Inside against your back there’s a spot for your laptop (15in) and iPad. Then there’s the expandable bottle holder area, and optional waist pads for support, and numerous clips that allow you to attach a tripod – there’s just so much.
The camera storage section of the PRVKE 21 is the Camera Cube area which lives as the bottom half of the bag. It is removable, but without it some of the bag’s structural integrity is gone. However, it’s still perfectly usable, and if filled and on your back looks fine, just not as rigid. Regardless, the cube is easily secured inside the main compartment, and is featured into the bag wall that opens to let the user access a camera – that’s to say it’s nicely integrated and doesn’t feel like a separate guest being lost in a host.
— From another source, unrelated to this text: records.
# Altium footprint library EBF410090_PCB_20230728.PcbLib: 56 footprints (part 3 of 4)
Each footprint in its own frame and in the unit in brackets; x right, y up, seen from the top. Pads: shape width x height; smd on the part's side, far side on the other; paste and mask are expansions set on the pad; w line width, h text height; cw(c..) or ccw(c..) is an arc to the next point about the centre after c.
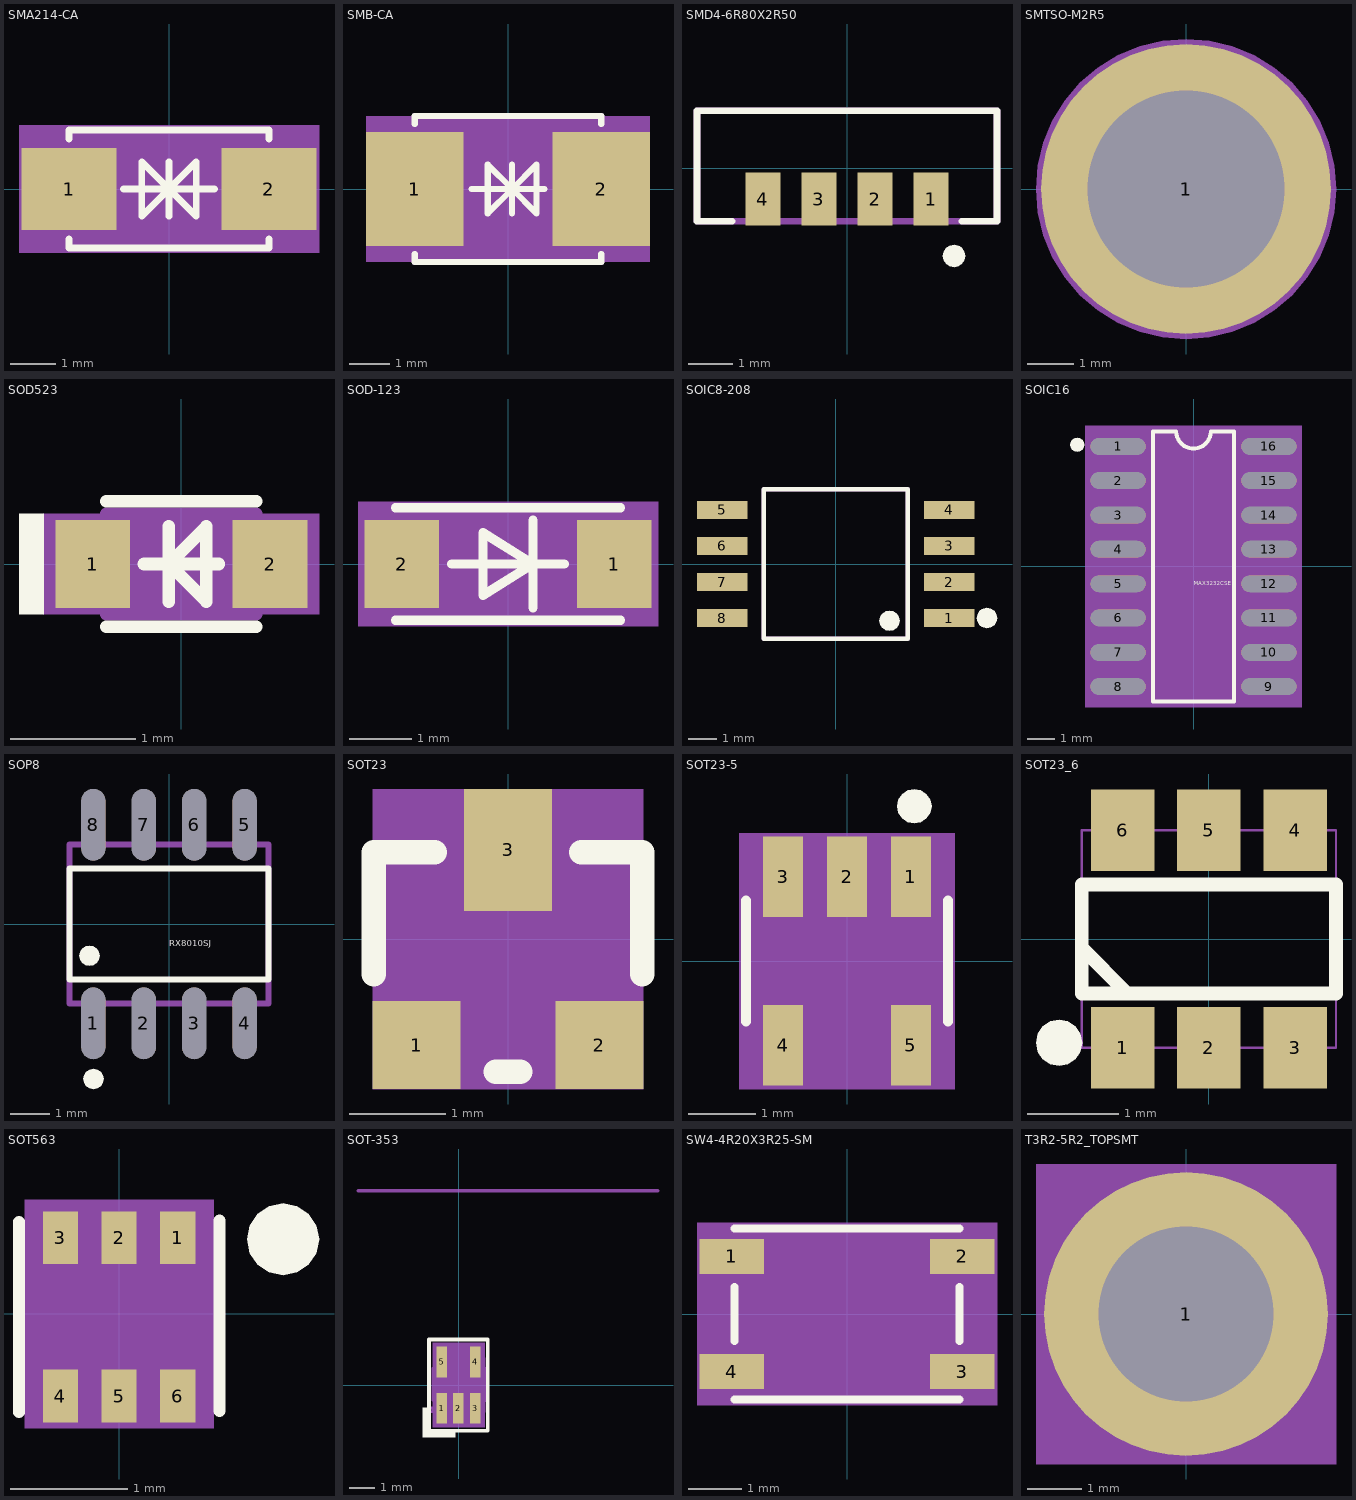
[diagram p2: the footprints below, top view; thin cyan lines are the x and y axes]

## SMA214-CA [mm] "SMA214-CA"
pads (2):
  rect 2.1x1.8 smd: 1(-2.2,0) 2(2.2,0)
Top Overlay:
  lines w0.15: -2.2,-1.1 -2.2,-1.3 2.2,-1.3 2.2,-1.1 ; -2.2,1.1 -2.2,1.3 2.2,1.3 2.2,1.1 ; -1,0 1,0 ; 0,-0.6 0,0.6 ; 0,0 0.6,-0.6 0.6,0.6 0,0 ; 0,0 -0.6,0.6 -0.6,-0.6 0,0
Top 3D Body:
  region: -3.3,1.4 -3.3,-1.4 3.3,-1.4 3.3,1.4
Mechanical 16:
  text "2" at 1.946,0 h0.64
  text "1" at -2.454,0 h0.64
Top Assembly:
  lines w0.15: -2.2,-1.25 -2.2,1.25 2.2,1.25 2.2,-1.25 -2.2,-1.25
3D body: height 3.81, standoff 0, extent -3.3,-1.4 3.3,1.4

## SMB-CA [mm] "SMB-CA"
pads (2):
  rect 2.4x2.8 smd: 1(-2.3,0) 2(2.3,0)
Top Overlay:
  lines w0.15: -2.3,-1.6 -2.3,-1.8 2.3,-1.8 2.3,-1.6 ; -2.3,1.6 -2.3,1.8 2.3,1.8 2.3,1.6 ; -0.9,0 0.9,0 ; 0.1,0 -0.5,0.6 -0.5,-0.6 0.1,0 ; 0.1,0 0.7,-0.6 0.7,0.6 0.1,0 ; 0.1,-0.6 0.1,0.6 0.1,-0.6
Top 3D Body:
  region: -3.5,1.8 -3.5,-1.8 3.5,-1.8 3.5,1.8
Mechanical 16:
  text "2" at 2.3,0.254 h0.64
  text "1" at -2.3,0.254 h0.64
Top Assembly:
  lines w0.15: -2.3,-1.8 -2.3,1.8 2.3,1.8 2.3,-1.8 -2.3,-1.8
3D body: height 3.81, standoff 0, extent -3.5,-1.8 3.5,1.8

## SMD4-6R80X2R50 [mil] "SMD4-6R80X2R50"
pads (4):
  rect 31.5x47.24 smd: 1(75,-27.56) 2(25,-27.56) 3(-25,-27.56) 4(-75,-27.56)
Top Overlay:
  dashed: 85.48,-78.3 86.24,-82.14 88.42,-85.39 91.67,-87.57 95.51,-88.33 99.35,-87.57 100.44,-86.84 102.6,-85.39 104.78,-82.14 105.54,-78.3 104.78,-74.46 102.6,-71.21 100.44,-69.76 99.35,-69.03 95.51,-68.27 91.67,-69.03 88.42,-71.21 86.24,-74.46
  lines w5.91: -102.36,-47.25 -133.86,-47.25 -133.86,51.18 133.86,51.18 133.86,-47.25 102.36,-47.25
Top Assembly:
  lines w5.91: -133.86,-47.25 -133.86,51.18 133.86,51.18 133.86,-47.25 -133.86,-47.25

## SMTSO-M2R5 [mm] "SMTSO-M2R5"
pads (1):
  round 6.2 / inner round 5.2 / far side round 5.2 hole 4.22: 1(0,0)
Top Overlay:
  text "M2.5X3mm" at -0.488,-0.076 h0.15
Top Paste:
  dashed: 3.074,0.4 2.072,0.4 2.029,0.579 1.971,0.754 1.898,0.923 1.81,1.085 1.709,1.238 1.594,1.382 1.468,1.516 1.33,1.638 1.182,1.748 1.025,1.844 0.861,1.927 0.689,1.994 0.513,2.047 0.4,2.072 0.4,3.074 0.666,3.028 0.928,2.958 1.182,2.866 1.427,2.752 1.662,2.617 1.884,2.462 2.091,2.289 2.282,2.098 2.457,1.891 2.612,1.67 2.748,1.436 2.862,1.191 2.955,0.937 3.026,0.675 3.073,0.409
  dashed: 0.4,-3.074 0.4,-2.072 0.579,-2.029 0.754,-1.971 0.923,-1.898 1.085,-1.81 1.238,-1.709 1.382,-1.594 1.516,-1.468 1.638,-1.33 1.748,-1.182 1.844,-1.025 1.927,-0.861 1.994,-0.689 2.047,-0.513 2.072,-0.4 3.074,-0.4 3.028,-0.666 2.958,-0.928 2.866,-1.182 2.752,-1.427 2.617,-1.662 2.462,-1.884 2.289,-2.091 2.098,-2.282 1.891,-2.457 1.67,-2.612 1.436,-2.748 1.191,-2.862 0.937,-2.955 0.675,-3.026 0.409,-3.073
  dashed: -3.074,-0.4 -2.072,-0.4 -2.029,-0.579 -1.971,-0.754 -1.898,-0.923 -1.81,-1.085 -1.709,-1.238 -1.594,-1.382 -1.468,-1.516 -1.33,-1.638 -1.182,-1.748 -1.025,-1.844 -0.861,-1.927 -0.689,-1.994 -0.513,-2.047 -0.4,-2.072 -0.4,-3.074 -0.666,-3.028 -0.928,-2.958 -1.182,-2.866 -1.427,-2.752 -1.662,-2.617 -1.884,-2.462 -2.091,-2.289 -2.282,-2.098 -2.457,-1.891 -2.612,-1.67 -2.748,-1.436 -2.862,-1.191 -2.955,-0.937 -3.026,-0.675 -3.073,-0.409
  dashed: -0.4,3.074 -0.4,2.072 -0.579,2.029 -0.754,1.971 -0.923,1.898 -1.085,1.81 -1.238,1.709 -1.382,1.594 -1.516,1.468 -1.638,1.33 -1.748,1.182 -1.844,1.025 -1.927,0.861 -1.994,0.689 -2.047,0.513 -2.072,0.4 -3.074,0.4 -3.028,0.666 -2.958,0.928 -2.866,1.182 -2.752,1.427 -2.617,1.662 -2.462,1.884 -2.289,2.091 -2.098,2.282 -1.891,2.457 -1.67,2.612 -1.436,2.748 -1.191,2.862 -0.937,2.955 -0.675,3.026 -0.409,3.073
Top 3D Body:
  region: 3.21,0 3.17,0.502 3.053,0.992 2.86,1.457 2.597,1.887 2.27,2.27 1.887,2.597 1.457,2.86 0.992,3.053 0.502,3.17 0,3.21 -0.502,3.17 -0.992,3.053 -1.457,2.86 -1.6,2.772 -1.887,2.597 -2.27,2.27 -2.597,1.887 -2.86,1.457 -3.053,0.992 -3.17,0.502 -3.21,0 -3.17,-0.502 -3.053,-0.992 -2.86,-1.457 -2.597,-1.887 -2.27,-2.27 -1.887,-2.597 -1.6,-2.772 -1.457,-2.86 -0.992,-3.053 -0.502,-3.17 0,-3.21 0.502,-3.17 0.992,-3.053 1.457,-2.86 1.887,-2.597 2.27,-2.27 2.597,-1.887 2.86,-1.457 3.053,-0.992 3.17,-0.502
Mechanical 16:
  text "1" at -0.254,0 h0.64
Top Assembly:
  circle w0.025: c0,0 r3.1
3D body: height 3.81, standoff 0, extent -3.21,-3.21 3.21,3.21

## SOD523 [mm] "SOD523"
pads (2):
  rect 0.6x0.7 smd: 1(-0.71,0) 2(0.71,0)
Top Overlay:
  dashed: -1.3,0.4 -1.3,-0.4 -1.1,-0.4 -1.1,0.4
  lines w0.1: -0.6,-0.5 0.6,-0.5 ; -0.6,0.5 0.6,0.5 ; -0.3,0 0.3,0 ; -0.1,-0.3 -0.1,0.3 ; -0.1,0 0.2,-0.3 0.2,0.3 -0.1,0
Top 3D Body:
  region: -1.1,0.4 -1.1,-0.4 1.1,-0.4 1.1,0.4
Top Assembly:
  lines w0.1: -0.6,-0.4 -0.6,0.4 0.6,0.4 0.6,-0.4 -0.6,-0.4
3D body: height 3.81, standoff 0, extent -1.1,-0.4 1.1,0.4

## SOD-123 [mm] "SOD-123"
pads (2):
  rect 1.2x1.4 smd: 1(1.7,0) 2(-1.7,0)
Top Overlay:
  lines w0.15: -1.8,-0.9 1.8,-0.9 ; -1.8,0.9 1.8,0.9 ; -0.9,0 0.9,0 ; 0.4,-0.7 0.4,0.7 ; -0.4,-0.5 0.4,0 -0.4,0.5 -0.4,-0.5
  text "1N5819W" at 1.199,-0.076 h0.15
Top 3D Body:
  region: -2.4,-1 2.4,-1 2.4,1 -2.4,1
Mechanical 16:
  text "2" at -2.015,0 h0.79
  text "1" at 1.385,0 h0.79
Top Assembly:
  lines w0.15: -1.8,-0.9 -1.8,0.9 1.8,0.9 1.8,-0.9 -1.8,-0.9
3D body: height 3.81, standoff 0, extent -2.4,-1 2.4,1

## SOIC8-208 [mm] "SOIC8-208"
pads (8):
  rect 1.778x0.635 smd: 1(4,-1.905) 2(4,-0.635) 3(4,0.635) 4(4,1.905) 5(-4,1.905) 6(-4,0.635) 7(-4,-0.635) 8(-4,-1.905)
Top Overlay:
  dashed: 2.257,-2 2.23,-2.137 2.152,-2.253 2.037,-2.33 1.9,-2.357 1.763,-2.33 1.724,-2.304 1.647,-2.253 1.57,-2.137 1.543,-2 1.57,-1.863 1.647,-1.747 1.724,-1.696 1.763,-1.67 1.9,-1.643 2.037,-1.67 2.152,-1.747 2.23,-1.863
  dashed: 5.691,-1.905 5.664,-2.042 5.586,-2.157 5.471,-2.235 5.334,-2.262 5.197,-2.235 5.159,-2.209 5.082,-2.157 5.004,-2.042 4.977,-1.905 5.004,-1.768 5.082,-1.653 5.159,-1.601 5.197,-1.575 5.334,-1.548 5.471,-1.575 5.586,-1.653 5.664,-1.768
  lines w0.152: -2.54,-2.64 2.54,-2.64 2.54,2.64 -2.54,2.64 -2.54,-2.64
Top Assembly:
  lines w0.152: -2.54,-2.64 2.54,-2.64 2.54,2.64 -2.54,2.64 -2.54,-2.64

## SOIC16 [mil] "SOIC16"
pads (16):
  oval 80x24 smd: 1(-109.8,174.8) 2(-109.8,125.2) 3(-109.8,74.8) 4(-109.8,25.2) 5(-109.8,-25.2) 6(-109.8,-74.8) 7(-109.8,-125.2) 8(-109.8,-174.8) 9(109.8,-174.8) 10(109.8,-125.2) 11(109.8,-74.8) 12(109.8,-25.2) 13(109.8,25.2) 14(109.8,74.8) 15(109.8,125.2) 16(109.8,174.8)
Top Overlay:
  dashed: -169.29,187.2 -165.45,186.44 -162.2,184.26 -160.02,181.01 -159.26,177.17 -160.02,173.33 -160.75,172.24 -162.2,170.08 -165.45,167.9 -169.29,167.14 -173.13,167.9 -176.38,170.08 -177.83,172.24 -178.56,173.33 -179.32,177.17 -178.56,181.01 -176.38,184.26 -173.13,186.44
  lines w5.91: -59.06,-196.85 59.06,-196.85 59.06,196.85 25.2,196.85 cw(c0,196.85) -25.2,196.85 -39.37,196.85 -59.06,196.85 -59.06,-196.85
  text "MAX3232CSE" at 0.01,-27 h6
Top 3D Body:
  region: -157.48,204.72 -157.48,-204.72 157.48,-204.72 157.48,204.72
Mechanical 16:
  text "8" at -109.8,-179.52 h11.8
  text "13" at 109.8,15.76 h11.8
  text "14" at 109.8,65.36 h11.8
  text "7" at -109.8,-129.92 h11.8
  text "15" at 109.8,115.76 h11.8
  text "16" at 109.8,165.36 h11.8
  text "1" at -109.8,170.08 h11.8
  text "3" at -109.8,70.08 h11.8
  text "12" at 109.8,-34.64 h11.8
  text "9" at 109.8,-179.52 h11.8
  text "10" at 109.8,-134.64 h11.8
  text "4" at -109.8,20.48 h11.8
  text "11" at 109.8,-84.24 h11.8
  text "5" at -109.8,-29.92 h11.8
  text "6" at -109.8,-79.52 h11.8
  text "2" at -109.8,120.48 h11.8
3D body: height 150, standoff 0, extent -157.48,-204.72 157.48,204.72

## SOP8 [mm] "SOP8"
pads (8):
  oval 0.6x1.8 smd: 1(-1.905,-2.5) 2(-0.635,-2.5) 3(0.635,-2.5) 4(1.905,-2.5) 5(1.905,2.5) 6(0.635,2.5) 7(-0.635,2.5) 8(-1.905,2.5)
Top Overlay:
  dashed: -2,-0.545 -1.902,-0.565 -1.82,-0.62 -1.765,-0.703 -1.745,-0.8 -1.765,-0.898 -1.783,-0.925 -1.82,-0.98 -1.902,-1.036 -2,-1.055 -2.098,-1.036 -2.18,-0.98 -2.217,-0.925 -2.235,-0.898 -2.255,-0.8 -2.235,-0.703 -2.18,-0.62 -2.098,-0.565
  dashed: -1.9,-3.645 -1.802,-3.664 -1.72,-3.72 -1.664,-3.802 -1.645,-3.9 -1.664,-3.997 -1.683,-4.025 -1.72,-4.08 -1.802,-4.135 -1.9,-4.155 -1.997,-4.135 -2.08,-4.08 -2.117,-4.025 -2.135,-3.997 -2.155,-3.9 -2.135,-3.802 -2.08,-3.72 -1.997,-3.664
  lines w0.15: -2.5,-1.4 -2.5,1.4 2.5,1.4 2.5,-1.4 -2.5,-1.4
  text "RX8010SJ" at 0,-0.564 h0.15
Mechanical 16:
  text "1" at -1.905,-2.754 h0.64
Top Assembly:
  lines w0.15: -2.5,-2 -2.5,2 2.5,2 2.5,-2 -2.5,-2

## SOT23 [mil] "SOT23"
pads (3):
  rect 36x36 smd: 1(-37.5,-43.5) 2(37.5,-43.5)
  rect 36x50 smd: 3(0,36.5)
Top Overlay:
  lines w10: -55,-14.5 -55,35.5 -30,35.5 ; -5,-54.5 5,-54.5 ; 30,35.5 55,35.5 55,-14.5
Top 3D Body:
  region: -55.5,-61.5 -55.5,61.5 55.5,61.5 55.5,-61.5
3D body: height 150, standoff 0, extent -55.5,-61.5 55.5,61.5

## SOT23-5 [mm] "SOT23-5"
pads (5):
  rect 0.599x1.199 smd: 1(0.95,1.25) 2(0,1.25) 3(-0.95,1.25) 4(-0.95,-1.25) 5(0.95,-1.25)
Top Overlay:
  dashed: 1.255,2.3 1.235,2.202 1.18,2.12 1.098,2.065 1,2.045 0.902,2.065 0.875,2.083 0.82,2.12 0.765,2.202 0.745,2.3 0.765,2.397 0.82,2.48 0.875,2.517 0.902,2.535 1,2.555 1.098,2.535 1.18,2.48 1.235,2.397
  lines w0.15: -1.5,-0.9 -1.5,0.9 ; 1.5,-0.9 1.5,0.9
Top 3D Body:
  region: 1.6,-1.9 1.6,1.9 -1.6,1.9 -1.6,-1.9
Mechanical 16:
  text "5" at 0.91,-1.25 h0.1
  text "3" at -0.99,1.25 h0.1
  text "4" at -0.99,-1.25 h0.1
  text "1" at 0.91,1.25 h0.1
  text "2" at -0.04,1.25 h0.1
Top Assembly:
  lines w0.15: -1.5,-0.85 1.5,-0.85 1.5,0.85 -1.5,0.85 -1.5,-0.85
3D body: height 3.81, standoff 0, extent -1.6,-1.9 1.6,1.9

## SOT23_6 [mm] "SOT23_6"
pads (6):
  rect 0.7x0.9 smd: 1(-0.95,-1.2) 2(0,-1.2) 3(0.95,-1.2) 4(0.95,1.2) 5(0,1.2) 6(-0.95,1.2)
Top Overlay:
  dashed: -1.651,-0.888 -1.553,-0.908 -1.471,-0.963 -1.416,-1.045 -1.396,-1.143 -1.416,-1.241 -1.434,-1.268 -1.471,-1.323 -1.553,-1.378 -1.651,-1.398 -1.749,-1.378 -1.831,-1.323 -1.868,-1.268 -1.886,-1.241 -1.906,-1.143 -1.886,-1.045 -1.831,-0.963 -1.749,-0.908
  lines w0.15: -1.4,-0.1 -0.9,-0.6 ; -1.4,-0.6 1.4,-0.6 1.4,0.6 -1.4,0.6 -1.4,-0.6
Top 3D Body:
  lines w0.025: -1.4,-1.2 1.4,-1.2 1.4,1.2 -1.4,1.2 -1.4,-1.2
Mechanical 16:
  text "3" at 0.95,-1.454 h0.64
  text "5" at 0,0.946 h0.64
  text "4" at 0.95,0.946 h0.64
  text "6" at -0.95,0.946 h0.64
  text "2" at 0,-1.454 h0.64
  text "1" at -0.95,-1.454 h0.64
Top Assembly:
  lines w0.025: -1.4,-1.2 1.4,-1.2 1.4,1.2 -1.4,1.2 -1.4,-1.2

## SOT563 [mm] "SOT563"
pads (6):
  rect 0.3x0.45 smd: 1(0.499,0.65) 2(-0.001,0.65) 3(-0.501,0.65) 4(-0.501,-0.7) 5(-0.001,-0.7) 6(0.499,-0.7)
Top Overlay:
  dashed: 1.703,0.637 1.68,0.519 1.614,0.42 1.514,0.354 1.397,0.331 1.28,0.354 1.247,0.376 1.181,0.42 1.115,0.519 1.091,0.637 1.115,0.754 1.181,0.853 1.247,0.897 1.28,0.919 1.397,0.942 1.514,0.919 1.614,0.853 1.68,0.754
  lines w0.1: -0.854,-0.837 -0.854,0.785 ; 0.854,-0.826 0.854,0.796
Top 3D Body:
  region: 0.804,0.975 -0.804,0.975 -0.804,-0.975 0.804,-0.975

It warrants saying that rhis isn’t necessarily meant to be a bag you take when you need to load up on large DSLR lenses and a pro body with grip built in. You can fit a D850 in here nicely with an 85 on it and even have the SIGMA 135 1.8 in there also (as I have right now), but you won’t fit a D5 or a 70-200 2.8 – not unless you chuck it in the top (or squeeze in through the back) – which is also fine.
But this is built for those who have a DSLR and move with 2 lenses or so, or a mirrorless system like a Fuji, Leica, or Sony. I’ve had a Sony A7rIII in here with a 24-70 G Master and 85mm G Master, as well as the Leica TL2 with an assortment of lenses, and it all fit beautifully, with easy access.
As per travel it opens up quickly and easily in airports so you can take out your laptop and remove the entire camera cube for easy inspection, and that’s a major plus. It also stows away under the average airline seat making it suitable for carry-on. In fact, since I’ve had it I’ve not traveled with anything but. The only thing I think may change that is that WANDRD has a new type of bag out and my hopes are high. Hopefully we can get one in for review soon.
So that’s it really. There are camera bags to endure and there are camera bags to enjoy, and this –firmly– is the latter. It’s the kind of thing that you end up realizing you are always gravitating to even in the face of considerable options, and one that you’ll realize is often the daily solution to carrying your gear. Frankly, it’s absolutely brilliant.